Of course, in those ten hours of practice I've properly focused on technique. Sitting in the lounge watching TV... setting up my netbook and Guitar Pro with a metronome and earphones, and working on my accuracy and hand synchronisation. Play one tempo, straight sixteenths for a minute or so, and make sure every single note is played completely perfectly with no dead notes. Bump up the tempo slightly and repeat. That's how I've practiced 'efficiently'. That's how I've ever practiced any technique.

I suppose if you, unlike me, actually devoted much time to such focused practice, you'd advance much faster. I'm just too uninterested in that, myself.


----------



## Winspear (Sep 7, 2011)

Just a few comments here and there that seem to draw the line between learning songs and doing exercises.

I don't think there has to be a line. Parts of songs are exercises in themselves, put them on a loop and learn to play them properly.

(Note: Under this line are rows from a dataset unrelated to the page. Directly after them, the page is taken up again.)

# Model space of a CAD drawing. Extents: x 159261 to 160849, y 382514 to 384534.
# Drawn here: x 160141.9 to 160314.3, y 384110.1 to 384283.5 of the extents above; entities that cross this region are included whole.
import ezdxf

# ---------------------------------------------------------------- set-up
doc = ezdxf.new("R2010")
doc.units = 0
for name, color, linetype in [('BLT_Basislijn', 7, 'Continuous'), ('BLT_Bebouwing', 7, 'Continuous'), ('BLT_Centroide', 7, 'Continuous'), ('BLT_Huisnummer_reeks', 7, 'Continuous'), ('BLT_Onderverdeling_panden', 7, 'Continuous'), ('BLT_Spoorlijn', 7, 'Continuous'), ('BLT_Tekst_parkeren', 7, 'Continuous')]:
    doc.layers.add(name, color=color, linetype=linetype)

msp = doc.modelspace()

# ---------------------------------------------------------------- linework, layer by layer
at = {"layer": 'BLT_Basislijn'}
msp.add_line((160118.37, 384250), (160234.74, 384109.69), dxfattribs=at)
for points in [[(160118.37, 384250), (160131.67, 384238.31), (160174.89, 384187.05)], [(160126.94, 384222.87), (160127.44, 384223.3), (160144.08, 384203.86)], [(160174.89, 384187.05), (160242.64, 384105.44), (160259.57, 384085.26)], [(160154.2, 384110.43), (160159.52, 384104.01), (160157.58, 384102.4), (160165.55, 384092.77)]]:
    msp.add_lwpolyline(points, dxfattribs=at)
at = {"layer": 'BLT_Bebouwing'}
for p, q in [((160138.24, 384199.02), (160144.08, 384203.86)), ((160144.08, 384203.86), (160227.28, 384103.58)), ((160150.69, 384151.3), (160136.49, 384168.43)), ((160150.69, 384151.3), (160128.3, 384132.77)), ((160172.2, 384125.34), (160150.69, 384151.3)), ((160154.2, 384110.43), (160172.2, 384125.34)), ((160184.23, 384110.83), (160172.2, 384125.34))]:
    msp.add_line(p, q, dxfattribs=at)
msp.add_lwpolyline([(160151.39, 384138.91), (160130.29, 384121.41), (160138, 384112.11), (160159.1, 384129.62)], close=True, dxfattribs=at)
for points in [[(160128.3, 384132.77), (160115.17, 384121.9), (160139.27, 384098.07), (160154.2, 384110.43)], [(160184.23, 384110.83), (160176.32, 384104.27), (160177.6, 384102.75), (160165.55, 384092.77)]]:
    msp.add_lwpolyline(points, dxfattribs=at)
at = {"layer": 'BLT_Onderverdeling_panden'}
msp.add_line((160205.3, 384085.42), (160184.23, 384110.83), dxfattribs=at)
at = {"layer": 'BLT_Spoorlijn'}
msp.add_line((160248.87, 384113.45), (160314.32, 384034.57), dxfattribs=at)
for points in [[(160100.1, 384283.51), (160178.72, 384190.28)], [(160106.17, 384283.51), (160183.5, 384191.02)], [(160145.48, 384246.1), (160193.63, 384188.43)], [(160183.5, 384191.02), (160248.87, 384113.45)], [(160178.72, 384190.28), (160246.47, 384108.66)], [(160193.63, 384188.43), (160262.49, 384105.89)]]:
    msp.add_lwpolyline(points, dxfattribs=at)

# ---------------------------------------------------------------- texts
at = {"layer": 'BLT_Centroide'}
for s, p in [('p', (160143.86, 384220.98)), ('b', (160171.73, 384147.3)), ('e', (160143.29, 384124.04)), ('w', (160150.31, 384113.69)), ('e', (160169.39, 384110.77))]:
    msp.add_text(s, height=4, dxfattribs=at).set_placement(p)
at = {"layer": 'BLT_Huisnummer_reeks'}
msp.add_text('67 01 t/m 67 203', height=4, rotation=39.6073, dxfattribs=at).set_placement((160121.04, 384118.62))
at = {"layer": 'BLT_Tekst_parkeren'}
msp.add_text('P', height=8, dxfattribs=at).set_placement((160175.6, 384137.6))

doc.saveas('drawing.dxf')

I found a nice thing to do was;
Develop a list of all the techniques you can think of that you are interested in learning. Write them down.
Download 5-10 tabs of songs that you like, vary it up a little too.
Go through each tab and identify the techniques within each section e.g. riff A covers alternate picking, string skipping etc.
At the end you should have a bunch of riffs and licks to learn which cover the list of techniques you made at the start. 
Spend the next however many weeks going through them as exercises with a metronome. Figure out the best fingerings and picking patterns you can use to play a part and write them down, and give say 10 minutes to each part before changing to the next in each practice session.


----------



## 28mistertee (Sep 7, 2011)

EtherealEntity said:


> Just a few comments here and there that seem to draw the line between learning songs and doing exercises.
> 
> I don't think there has to be a line. Parts of songs are exercises in themselves, put them on a loop and learn to play them properly.
> 
> ...


One of the problems I have is I start learning songs but very few in full from start to finish.
This is a great idea just pulling riffs and licks out, I'm going to start doing this.
Thanks.


----------



## rchrd_le (Sep 8, 2011)

I've been playing for 3 almost 4 years now and I would say I'm pretty decent at guitar.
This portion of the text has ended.